• **THE TASK**
Set each record down exactly, excluding all images.

PROVIDED ENTRIES Block Start

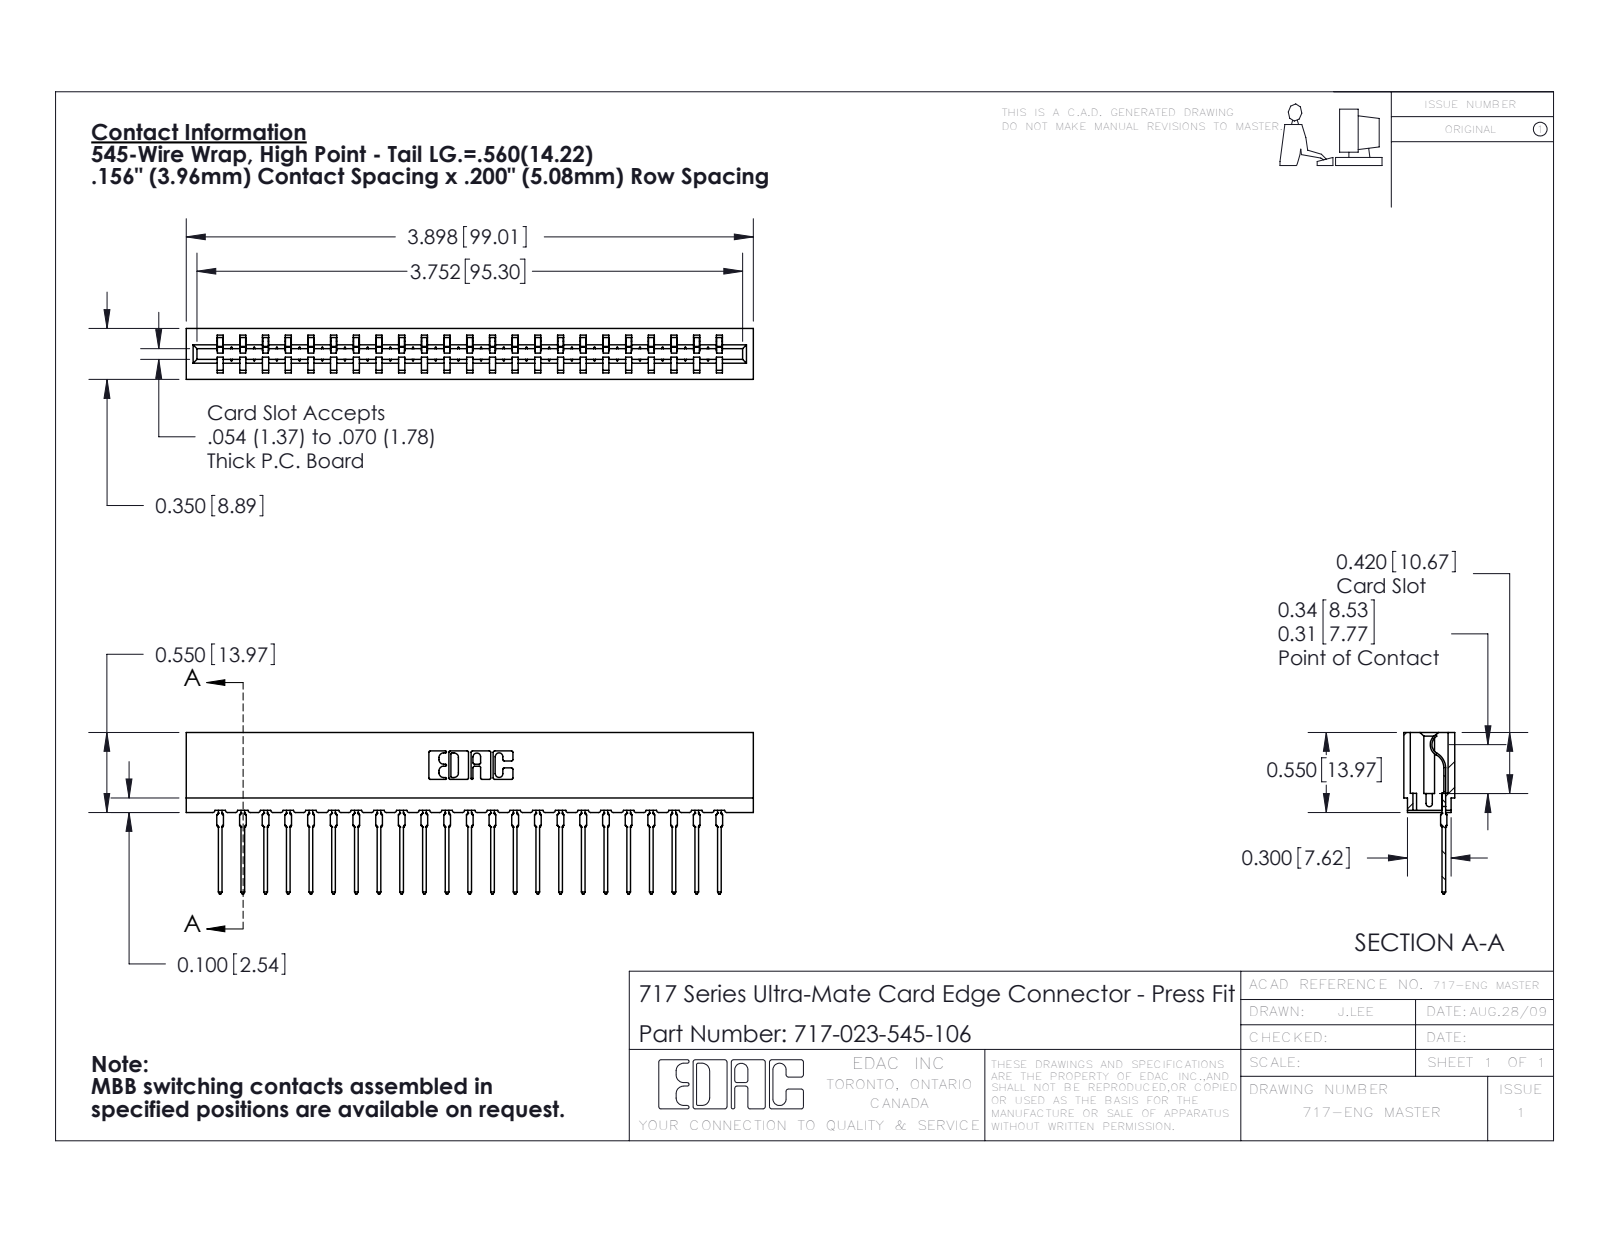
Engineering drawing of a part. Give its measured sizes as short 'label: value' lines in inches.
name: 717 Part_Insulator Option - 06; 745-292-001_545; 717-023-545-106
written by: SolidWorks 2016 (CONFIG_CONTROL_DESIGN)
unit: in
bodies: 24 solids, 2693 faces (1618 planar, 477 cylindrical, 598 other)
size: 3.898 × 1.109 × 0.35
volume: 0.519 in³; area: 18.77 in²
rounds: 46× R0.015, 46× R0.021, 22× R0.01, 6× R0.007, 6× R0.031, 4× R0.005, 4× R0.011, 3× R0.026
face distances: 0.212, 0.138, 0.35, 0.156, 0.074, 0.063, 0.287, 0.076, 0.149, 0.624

PROVIDED ENTRIES Block End

• **WRITTEN RESPONSE**
Engineering drawing of a part. Give its measured sizes as short 'label: value' lines in inches.
name: 717 Part_Insulator Option - 06; 745-292-001_545; 717-023-545-106
written by: SolidWorks 2016 (CONFIG_CONTROL_DESIGN)
unit: in
bodies: 24 solids, 2693 faces (1618 planar, 477 cylindrical, 598 other)
size: 3.898 × 1.109 × 0.35
volume: 0.519 in³; area: 18.77 in²
rounds: 46× R0.015, 46× R0.021, 22× R0.01, 6× R0.007, 6× R0.031, 4× R0.005, 4× R0.011, 3× R0.026
face distances: 0.212, 0.138, 0.35, 0.156, 0.074, 0.063, 0.287, 0.076, 0.149, 0.624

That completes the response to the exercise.